Brits oppose pavement parking ban
The majority of British drivers are against a pavement parking ban, currently being explored by a Department of Transport review for England.
The move would bring the rest of England in line with London, where pavement parking has been banned by default for more than 40 years, and follows DfT suggestions of a pavement parking review some two years ago that was not carried out. It’s also being explored for Scotland under proposals introduced in the government’s Transport Bill.
However, a survey by online parking portal YourParkingSpace.co.uk reveals that 55% of respondents don’t want drivers banned from being able to park their cars on a pavement.
The research of 500 motorists found almost one in 10 (9%) park on a pavement every day. A total of 15% had parked on the pavement because there was nowhere else to go while 24% had done it to stop blocking the road.

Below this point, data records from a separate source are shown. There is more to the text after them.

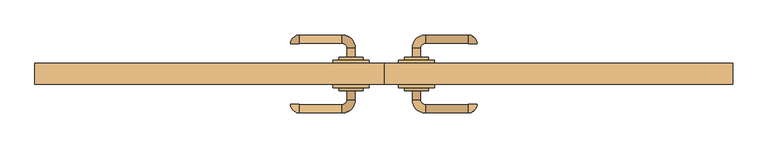
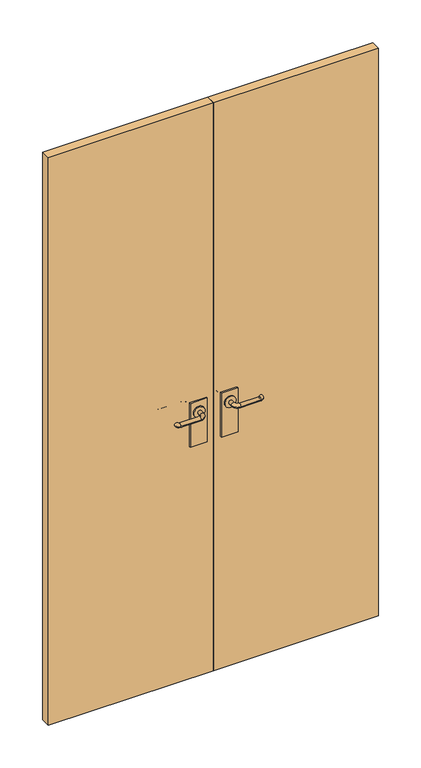
"""IFC4 building model written with IfcOpenShell, lengths in millimetres: door geometry, Porta Dupla de Abrir : 120x210cm - Marco Metálico."""

from ifc_helpers import new_model, si_unit, point, frame, frame_2d, origin, place, context, project, spatial, polyline, circle_curve, ellipse_curve, trimmed, segment, composite_curve, outline, extrude, source, transform, mapped, element, save
from ifc_brep_helpers import plane_surface, cylinder_surface, revolved_surface, advanced_brep


def door_43807c05(model_context):
    return source(origin(), model_context, "Body", "SolidModel", [
        extrude(outline(composite_curve([segment(trimmed(circle_curve(frame_2d((1050.0, -55.0)), 20.0), [point((1050.0, -35.0))], [point((1050.0, -75.0))], False, "CARTESIAN"), True, "CONTINUOUS"), segment(trimmed(circle_curve(frame_2d((1050.0, -55.0)), 20.0), [point((1050.0, -75.0))], [point((1050.0, -35.0))], False, "CARTESIAN"), True, "CONTINUOUS")], self_intersect=False)), frame((0.0, 50.0070105, 0.0), z_axis=(0.0, 1.0, 0.0), x_axis=(0.0, 0.0, 1.0)), (0.0, 0.0, 1.0), 4.5929895),
        advanced_brep(
        [(-62.0, 50.0070105, 1050.0), (-48.0, 50.0070105, 1050.0), (-62.0, 34.6, 1050.0), (-48.0, 34.6, 1050.0), (-70.0, 12.6, 1050.0), (-70.0, 26.6, 1050.0), (-142.0, 26.6, 1050.0), (-142.0, 12.6, 1050.0), (-143.0, 27.6, 1050.0), (-157.0, 27.6, 1050.0)],
        [
            (0, 1, circle_curve(frame((-55.0, 50.0070105, 1050.0), z_axis=(0.0, 1.0, 0.0), x_axis=(1.0, 0.0, 0.0)), 7.0)),
            (1, 0, circle_curve(frame((-55.0, 50.0070105, 1050.0), z_axis=(0.0, 1.0, 0.0), x_axis=(1.0, 0.0, 0.0)), 7.0)),
            (0, 2),
            (2, 3, circle_curve(frame((-55.0, 34.6, 1050.0), z_axis=(0.0, 1.0, 0.0), x_axis=(1.0, 0.0, 0.0)), 7.0)),
            (3, 1),
            (3, 2, circle_curve(frame((-55.0, 34.6, 1050.0), z_axis=(0.0, 1.0, 0.0), x_axis=(1.0, 0.0, 0.0)), 7.0)),
            (4, 3, circle_curve(frame((-70.0, 34.6, 1050.0), z_axis=(0.0, 0.0, 1.0), x_axis=(1.0, 0.0, 0.0)), 22.0)),
            (2, 5, circle_curve(frame((-70.0, 34.6, 1050.0), z_axis=(0.0, 0.0, -1.0), x_axis=(1.0, 0.0, 0.0)), 8.0)),
            (5, 4, circle_curve(frame((-70.0, 19.6, 1050.0), z_axis=(1.0, 0.0, 0.0), x_axis=(0.0, -1.0, 0.0)), 7.0)),
            (4, 5, circle_curve(frame((-70.0, 19.6, 1050.0), z_axis=(1.0, 0.0, 0.0), x_axis=(0.0, -1.0, 0.0)), 7.0)),
            (5, 6),
            (6, 7, circle_curve(frame((-142.0, 19.6, 1050.0), z_axis=(1.0, 0.0, 0.0), x_axis=(0.0, -1.0, 0.0)), 7.0)),
            (7, 4),
            (7, 6, circle_curve(frame((-142.0, 19.6, 1050.0), z_axis=(1.0, 0.0, 0.0), x_axis=(0.0, -1.0, 0.0)), 7.0)),
            (8, 9, circle_curve(frame((-150.0, 27.6, 1050.0), z_axis=(0.0, 1.0, 0.0), x_axis=(-1.0, 0.0, 0.0)), 7.0)),
            (9, 8, circle_curve(frame((-150.0, 27.6, 1050.0), z_axis=(0.0, 1.0, 0.0), x_axis=(-1.0, 0.0, 0.0)), 7.0)),
            (9, 7, circle_curve(frame((-142.0, 27.6, 1050.0), z_axis=(0.0, 0.0, 1.0), x_axis=(0.0, -1.0, 0.0)), 15.0)),
            (6, 8, circle_curve(frame((-142.0, 27.6, 1050.0), z_axis=(0.0, 0.0, -1.0), x_axis=(0.0, -1.0, 0.0)), 1.0)),
        ],
        [
            plane_surface(frame((-55.0, 50.0070105, 1050.0), z_axis=(0.0, 1.0, 0.0), x_axis=(0.0, 0.0, 1.0))),
            cylinder_surface(frame((-55.0, 50.0070105, 1050.0), z_axis=(0.0, 1.0, 0.0), x_axis=(1.0, 0.0, 0.0)), 7.0),
            revolved_surface(trimmed(ellipse_curve(frame((-55.0, 34.6, 1050.0), z_axis=(0.0, 1.0, 0.0), x_axis=(1.0, 0.0, 0.0)), 7.0, 7.0), [point((-62.0, 34.6, 1050.0))], [point((-48.0, 34.6, 1050.0))], True, "CARTESIAN"), (-70.0, 34.6, 1050.0), (0.0, 0.0, -1.0)),
            revolved_surface(trimmed(ellipse_curve(frame((-55.0, 34.6, 1050.0), z_axis=(0.0, 1.0, 0.0), x_axis=(1.0, 0.0, 0.0)), 7.0, 7.0), [point((-48.0, 34.6, 1050.0))], [point((-62.0, 34.6, 1050.0))], True, "CARTESIAN"), (-70.0, 34.6, 1050.0), (0.0, 0.0, -1.0)),
            cylinder_surface(frame((-70.0, 19.6, 1050.0), z_axis=(1.0, 0.0, 0.0), x_axis=(0.0, -1.0, 0.0)), 7.0),
            plane_surface(frame((-150.0, 27.6, 1050.0), z_axis=(0.0, 1.0, 0.0), x_axis=(0.0, 0.0, 1.0))),
            revolved_surface(trimmed(ellipse_curve(frame((-142.0, 19.6, 1050.0), z_axis=(1.0, 0.0, 0.0), x_axis=(0.0, -1.0, 0.0)), 7.0, 7.0), [point((-142.0, 26.6, 1050.0))], [point((-142.0, 12.6, 1050.0))], True, "CARTESIAN"), (-142.0, 27.6, 1050.0), (0.0, 0.0, -1.0)),
            revolved_surface(trimmed(ellipse_curve(frame((-142.0, 19.6, 1050.0), z_axis=(1.0, 0.0, 0.0), x_axis=(0.0, -1.0, 0.0)), 7.0, 7.0), [point((-142.0, 12.6, 1050.0))], [point((-142.0, 26.6, 1050.0))], True, "CARTESIAN"), (-142.0, 27.6, 1050.0), (0.0, 0.0, -1.0)),
        ],
        [
            (0, [[1, 2]]),
            (1, [[-1, 3, 4, 5]]),
            (1, [[-2, -5, 6, -3]]),
            (2, [[7, -4, 8, 9]]),
            (3, [[-8, -6, -7, 10]]),
            (4, [[-9, 11, 12, 13]]),
            (4, [[-10, -13, 14, -11]]),
            (5, [[15, 16]]),
            (6, [[17, -12, 18, -16]]),
            (7, [[-18, -14, -17, -15]]),
        ],
    ),
        extrude(outline(polyline([(-85.0, 60.6), (-25.0, 60.6), (-25.0, 54.6), (-85.0, 54.6), (-85.0, 60.6)])), frame((0.0, 0.0, 925.0), z_axis=(0.0, 0.0, 1.0), x_axis=(1.0, 0.0, 0.0)), (0.0, 0.0, 1.0), 165.0),
        extrude(outline(composite_curve([segment(trimmed(circle_curve(frame_2d((1050.0, -55.0)), 20.0), [point((1050.0, -35.0))], [point((1050.0, -75.0))], False, "CARTESIAN"), True, "CONTINUOUS"), segment(trimmed(circle_curve(frame_2d((1050.0, -55.0)), 20.0), [point((1050.0, -75.0))], [point((1050.0, -35.0))], False, "CARTESIAN"), True, "CONTINUOUS")], self_intersect=False)), frame((0.0, 101.6, 0.0), z_axis=(0.0, 1.0, 0.0), x_axis=(0.0, 0.0, 1.0)), (0.0, 0.0, 1.0), 4.5929895),
        advanced_brep(
        [(-62.0, 106.1929895, 1050.0), (-48.0, 106.1929895, 1050.0), (-48.0, 121.6, 1050.0), (-62.0, 121.6, 1050.0), (-70.0, 143.6, 1050.0), (-70.0, 129.6, 1050.0), (-142.0, 143.6, 1050.0), (-142.0, 129.6, 1050.0), (-143.0, 128.6, 1050.0), (-157.0, 128.6, 1050.0)],
        [
            (0, 1, circle_curve(frame((-55.0, 106.1929895, 1050.0), z_axis=(0.0, -1.0, 0.0), x_axis=(1.0, 0.0, 0.0)), 7.0)),
            (1, 0, circle_curve(frame((-55.0, 106.1929895, 1050.0), z_axis=(0.0, -1.0, 0.0), x_axis=(1.0, 0.0, 0.0)), 7.0)),
            (1, 2),
            (2, 3, circle_curve(frame((-55.0, 121.6, 1050.0), z_axis=(0.0, -1.0, 0.0), x_axis=(1.0, 0.0, 0.0)), 7.0)),
            (3, 0),
            (3, 2, circle_curve(frame((-55.0, 121.6, 1050.0), z_axis=(0.0, -1.0, 0.0), x_axis=(1.0, 0.0, 0.0)), 7.0)),
            (4, 5, circle_curve(frame((-70.0, 136.6, 1050.0), z_axis=(1.0, 0.0, 0.0), x_axis=(0.0, 1.0, 0.0)), 7.0)),
            (5, 3, circle_curve(frame((-70.0, 121.6, 1050.0), z_axis=(0.0, 0.0, -1.0), x_axis=(1.0, 0.0, 0.0)), 8.0)),
            (2, 4, circle_curve(frame((-70.0, 121.6, 1050.0), z_axis=(0.0, 0.0, 1.0), x_axis=(1.0, 0.0, 0.0)), 22.0)),
            (5, 4, circle_curve(frame((-70.0, 136.6, 1050.0), z_axis=(1.0, 0.0, 0.0), x_axis=(0.0, 1.0, 0.0)), 7.0)),
            (4, 6),
            (6, 7, circle_curve(frame((-142.0, 136.6, 1050.0), z_axis=(1.0, 0.0, 0.0), x_axis=(0.0, 1.0, 0.0)), 7.0)),
            (7, 5),
            (7, 6, circle_curve(frame((-142.0, 136.6, 1050.0), z_axis=(1.0, 0.0, 0.0), x_axis=(0.0, 1.0, 0.0)), 7.0)),
            (8, 9, circle_curve(frame((-150.0, 128.6, 1050.0), z_axis=(0.0, -1.0, 0.0), x_axis=(-1.0, 0.0, 0.0)), 7.0)),
            (9, 8, circle_curve(frame((-150.0, 128.6, 1050.0), z_axis=(0.0, -1.0, 0.0), x_axis=(-1.0, 0.0, 0.0)), 7.0)),
            (8, 7, circle_curve(frame((-142.0, 128.6, 1050.0), z_axis=(0.0, 0.0, -1.0), x_axis=(0.0, 1.0, 0.0)), 1.0)),
            (6, 9, circle_curve(frame((-142.0, 128.6, 1050.0), z_axis=(0.0, 0.0, 1.0), x_axis=(0.0, 1.0, 0.0)), 15.0)),
        ],
        [
            plane_surface(frame((-55.0, 106.1929895, 1050.0), z_axis=(0.0, -1.0, 0.0), x_axis=(0.0, 0.0, 1.0))),
            cylinder_surface(frame((-55.0, 106.1929895, 1050.0), z_axis=(0.0, -1.0, 0.0), x_axis=(1.0, 0.0, 0.0)), 7.0),
            revolved_surface(trimmed(ellipse_curve(frame((-55.0, 121.6, 1050.0), z_axis=(0.0, 1.0, 0.0), x_axis=(1.0, 0.0, 0.0)), 7.0, 7.0), [point((-62.0, 121.6, 1050.0))], [point((-48.0, 121.6, 1050.0))], True, "CARTESIAN"), (-70.0, 121.6, 1050.0), (0.0, 0.0, -1.0)),
            revolved_surface(trimmed(ellipse_curve(frame((-55.0, 121.6, 1050.0), z_axis=(0.0, 1.0, 0.0), x_axis=(1.0, 0.0, 0.0)), 7.0, 7.0), [point((-48.0, 121.6, 1050.0))], [point((-62.0, 121.6, 1050.0))], True, "CARTESIAN"), (-70.0, 121.6, 1050.0), (0.0, 0.0, -1.0)),
            cylinder_surface(frame((-70.0, 136.6, 1050.0), z_axis=(1.0, 0.0, 0.0), x_axis=(0.0, 1.0, 0.0)), 7.0),
            plane_surface(frame((-150.0, 128.6, 1050.0), z_axis=(0.0, -1.0, 0.0), x_axis=(0.0, 0.0, 1.0))),
            revolved_surface(trimmed(ellipse_curve(frame((-142.0, 136.6, 1050.0), z_axis=(-1.0, 0.0, 0.0), x_axis=(0.0, 1.0, 0.0)), 7.0, 7.0), [point((-142.0, 129.6, 1050.0))], [point((-142.0, 143.6, 1050.0))], True, "CARTESIAN"), (-142.0, 128.6, 1050.0), (0.0, 0.0, -1.0)),
            revolved_surface(trimmed(ellipse_curve(frame((-142.0, 136.6, 1050.0), z_axis=(-1.0, 0.0, 0.0), x_axis=(0.0, 1.0, 0.0)), 7.0, 7.0), [point((-142.0, 143.6, 1050.0))], [point((-142.0, 129.6, 1050.0))], True, "CARTESIAN"), (-142.0, 128.6, 1050.0), (0.0, 0.0, -1.0)),
        ],
        [
            (0, [[1, 2]]),
            (1, [[3, 4, 5, -2]]),
            (1, [[-5, 6, -3, -1]]),
            (2, [[7, 8, -4, 9]]),
            (3, [[10, -9, -6, -8]]),
            (4, [[11, 12, 13, -7]]),
            (4, [[-13, 14, -11, -10]]),
            (5, [[15, 16]]),
            (6, [[-15, 17, -12, 18]]),
            (7, [[-16, -18, -14, -17]]),
        ],
    ),
        extrude(outline(polyline([(-85.0, 95.6), (-85.0, 101.6), (-25.0, 101.6), (-25.0, 95.6), (-85.0, 95.6)])), frame((0.0, 0.0, 925.0), z_axis=(0.0, 0.0, 1.0), x_axis=(1.0, 0.0, 0.0)), (0.0, 0.0, 1.0), 165.0),
        extrude(outline(composite_curve([segment(trimmed(circle_curve(frame_2d((1050.0, 55.0)), 20.0), [point((1050.0, 35.0))], [point((1050.0, 75.0))], False, "CARTESIAN"), True, "CONTINUOUS"), segment(trimmed(circle_curve(frame_2d((1050.0, 55.0)), 20.0), [point((1050.0, 75.0))], [point((1050.0, 35.0))], False, "CARTESIAN"), True, "CONTINUOUS")], self_intersect=False)), frame((0.0, 50.0070105, 0.0), z_axis=(0.0, 1.0, 0.0), x_axis=(0.0, 0.0, 1.0)), (0.0, 0.0, 1.0), 4.5929895),
        advanced_brep(
        [(62.0, 50.0070105, 1050.0), (48.0, 50.0070105, 1050.0), (48.0, 34.6, 1050.0), (62.0, 34.6, 1050.0), (70.0, 12.6, 1050.0), (70.0, 26.6, 1050.0), (142.0, 12.6, 1050.0), (142.0, 26.6, 1050.0), (143.0, 27.6, 1050.0), (157.0, 27.6, 1050.0)],
        [
            (0, 1, circle_curve(frame((55.0, 50.0070105, 1050.0), z_axis=(0.0, 1.0, 0.0), x_axis=(-1.0, 0.0, 0.0)), 7.0)),
            (1, 0, circle_curve(frame((55.0, 50.0070105, 1050.0), z_axis=(0.0, 1.0, 0.0), x_axis=(-1.0, 0.0, 0.0)), 7.0)),
            (1, 2),
            (2, 3, circle_curve(frame((55.0, 34.6, 1050.0), z_axis=(0.0, 1.0, 0.0), x_axis=(-1.0, 0.0, 0.0)), 7.0)),
            (3, 0),
            (3, 2, circle_curve(frame((55.0, 34.6, 1050.0), z_axis=(0.0, 1.0, 0.0), x_axis=(-1.0, 0.0, 0.0)), 7.0)),
            (4, 5, circle_curve(frame((70.0, 19.6, 1050.0), z_axis=(-1.0, 0.0, 0.0), x_axis=(0.0, -1.0, 0.0)), 7.0)),
            (5, 3, circle_curve(frame((70.0, 34.6, 1050.0), z_axis=(0.0, 0.0, -1.0), x_axis=(-1.0, 0.0, 0.0)), 8.0)),
            (2, 4, circle_curve(frame((70.0, 34.6, 1050.0), z_axis=(0.0, 0.0, 1.0), x_axis=(-1.0, 0.0, 0.0)), 22.0)),
            (5, 4, circle_curve(frame((70.0, 19.6, 1050.0), z_axis=(-1.0, 0.0, 0.0), x_axis=(0.0, -1.0, 0.0)), 7.0)),
            (4, 6),
            (6, 7, circle_curve(frame((142.0, 19.6, 1050.0), z_axis=(-1.0, 0.0, 0.0), x_axis=(0.0, -1.0, 0.0)), 7.0)),
            (7, 5),
            (7, 6, circle_curve(frame((142.0, 19.6, 1050.0), z_axis=(-1.0, 0.0, 0.0), x_axis=(0.0, -1.0, 0.0)), 7.0)),
            (8, 9, circle_curve(frame((150.0, 27.6, 1050.0), z_axis=(0.0, 1.0, 0.0), x_axis=(1.0, 0.0, 0.0)), 7.0)),
            (9, 8, circle_curve(frame((150.0, 27.6, 1050.0), z_axis=(0.0, 1.0, 0.0), x_axis=(1.0, 0.0, 0.0)), 7.0)),
            (8, 7, circle_curve(frame((142.0, 27.6, 1050.0), z_axis=(0.0, 0.0, -1.0), x_axis=(0.0, -1.0, 0.0)), 1.0)),
            (6, 9, circle_curve(frame((142.0, 27.6, 1050.0), z_axis=(0.0, 0.0, 1.0), x_axis=(0.0, -1.0, 0.0)), 15.0)),
        ],
        [
            plane_surface(frame((55.0, 50.0070105, 1050.0), z_axis=(0.0, 1.0, 0.0), x_axis=(0.0, 0.0, 1.0))),
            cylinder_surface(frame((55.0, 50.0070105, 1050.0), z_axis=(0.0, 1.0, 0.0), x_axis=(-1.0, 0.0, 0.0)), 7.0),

However, almost one in three (27%) supported the introduction of a fine of £50 or less while some would even like to see points on a driving licence (5%), for offenders to be sent on a driving awareness course (4%) or even community service (2%).
Harrison Woods, managing director at YourParkingSpace.co.uk, said: “This is a very surprising result as it appears that a majority of Brits do not want to see a nationwide ban.
“It could be that for some motorists it might be their only option, especially if they want to avoid blocking the road, but there is also the issue of the inconvenience that parking a car on a pavement can cause to pedestrians by obstructing their route.”